# TO DO:
Select all lines in the records that include "Running".

BEGIN MATERIAL PROVIDED

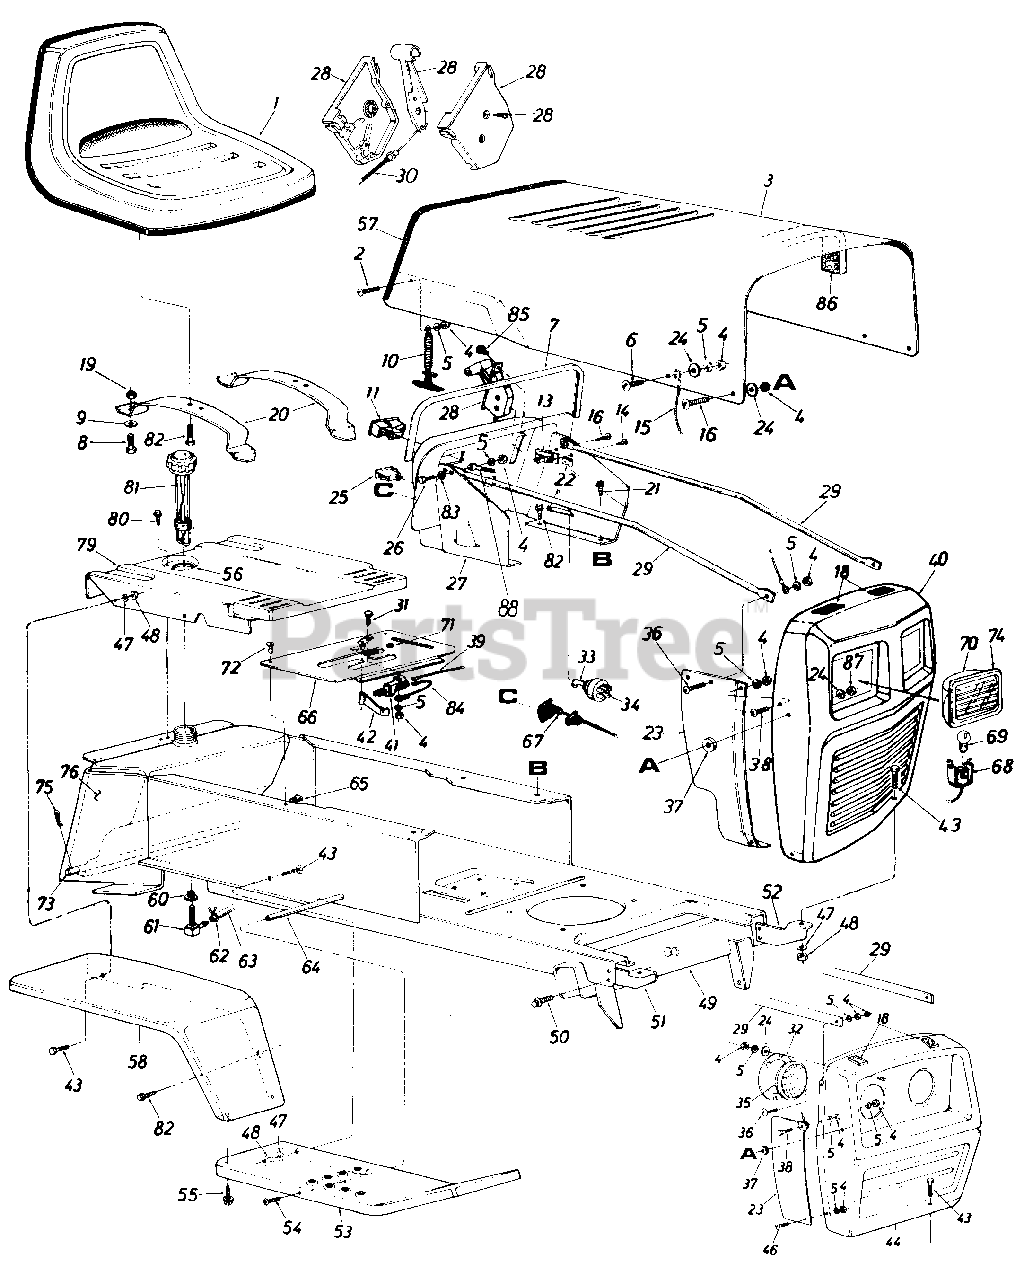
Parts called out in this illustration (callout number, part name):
1	Seat Assembly
2	Truss Mach. Scr. 1/4-20 x .50" Lg.*
5	L-Wash. 1/4" I.D.*
6	Truss Mach. Scr. 1/4-20 x .50" Lg.*
7	Vinyl Molding Strip-29"
8	Hex Nylon Scr. 1/2-13 x .75" Lg.
9	Fl-Wash. .50" I.D. x 1.00" O.D. x .090
10	Hood Latch Ass'y.
11	Ammeter
13	Circuit Breaker 8 Amp.
14	Hex Tap Scr. #10 x .50"
15	Hood Stop
16	Truss Mach. Scr. 1/4-20 x .75" Lg.*
18	PVC Foam Strip 1/2 x 1.00" x 2.00" Lg.
19	Hex Nut 1/2-13 Thd.*
22	Speed Nut #10Z
23	Grille Side Panel-R.H.
24	Fl-Wash. 1/4" I.D.
25	Light Switch
26	Truss Hd. Scr. 1/4-20 x 1.00" Lg.*
27	Dash Panel Ass'y.
28	Throttle Control Box Comp.
29	Grille Positioning Rod
30	Throttle Control Cable
31	Hex Bolt 1/4-20 x .50" Lg.*
32	Head Lamp Retainer
33	Ignition Key
34	Ignition Switch
35	Head Lamp
36	Truss Machine Scr. 1/4-20 x .75" Lg.*
37	Rubber Washer
38	Truss Mach. Scr. 1/4-20 x .50" Lg.*
39	Reverse Lockout Wire Harness
42	Switch Actuator Spring Lever
43	Hex Bolt 5/16-18 x .75" Lg.
44	Grille (Painted)
46	Truss Mach. Scr. 1/4-20 x .50" Lg.
47	L-Wash. 5/16" I.D.
48	Hex Nut 5/16-18 Thd.
49	Lower Frame Ass'y.
50	Hex Thd. Rolling Scr. 5/16" x.75" Lg.
51	Grille Mount Brkt.-R.H.
52	Grille Mount Brkt.-L.H.
53	Running Board-R.H.
54	Truss Mach. Scr. 5/16-18 x .75" Lg.
55	Hex Thd. Rolling Scr. 5/16-24 x .75" Lg.
56	Grommet
57	Vinyl Moulding Strip-30"
58	Fender Ass'y.-R.H.
60	Bushing
61	90ø Nipple
62	Hose Clamp 3/8"
63	Gas Line 46" Lg.
64	Running Board Rod
65	Speed Nut #10-24
66	Transmission Cover Ass'y.
67	Choke Control Comp.
68	Socket
69	Lamp
70	Headlight Housing
71	Snap Bushing
72	Truss Hd. Scr. #10 x .50"
73	Hitch Rod
74	Lens
75	Internal Cotter Pin
76	Gas Tank
79	Seat Plate
80	Hex Thd. Rolling Scr. 5/16-24 x .75" Lg.
81	Gas Gauge
82	Hex Thd. Rolling Scr. 5/16-24 x .75" Lg.
83	External Wash. 1/4" I.D.
84	Electric Wire
85	Truss Mach. AB-Tap Scr. #10 x .50" Lg.
86	PVC Foam Strip
87	Hex L-Nut 1/4-20 Thd.
88	Ground Wire

END MATERIAL PROVIDED

# ANSWER AREA:
53	Running Board-R.H.
64	Running Board Rod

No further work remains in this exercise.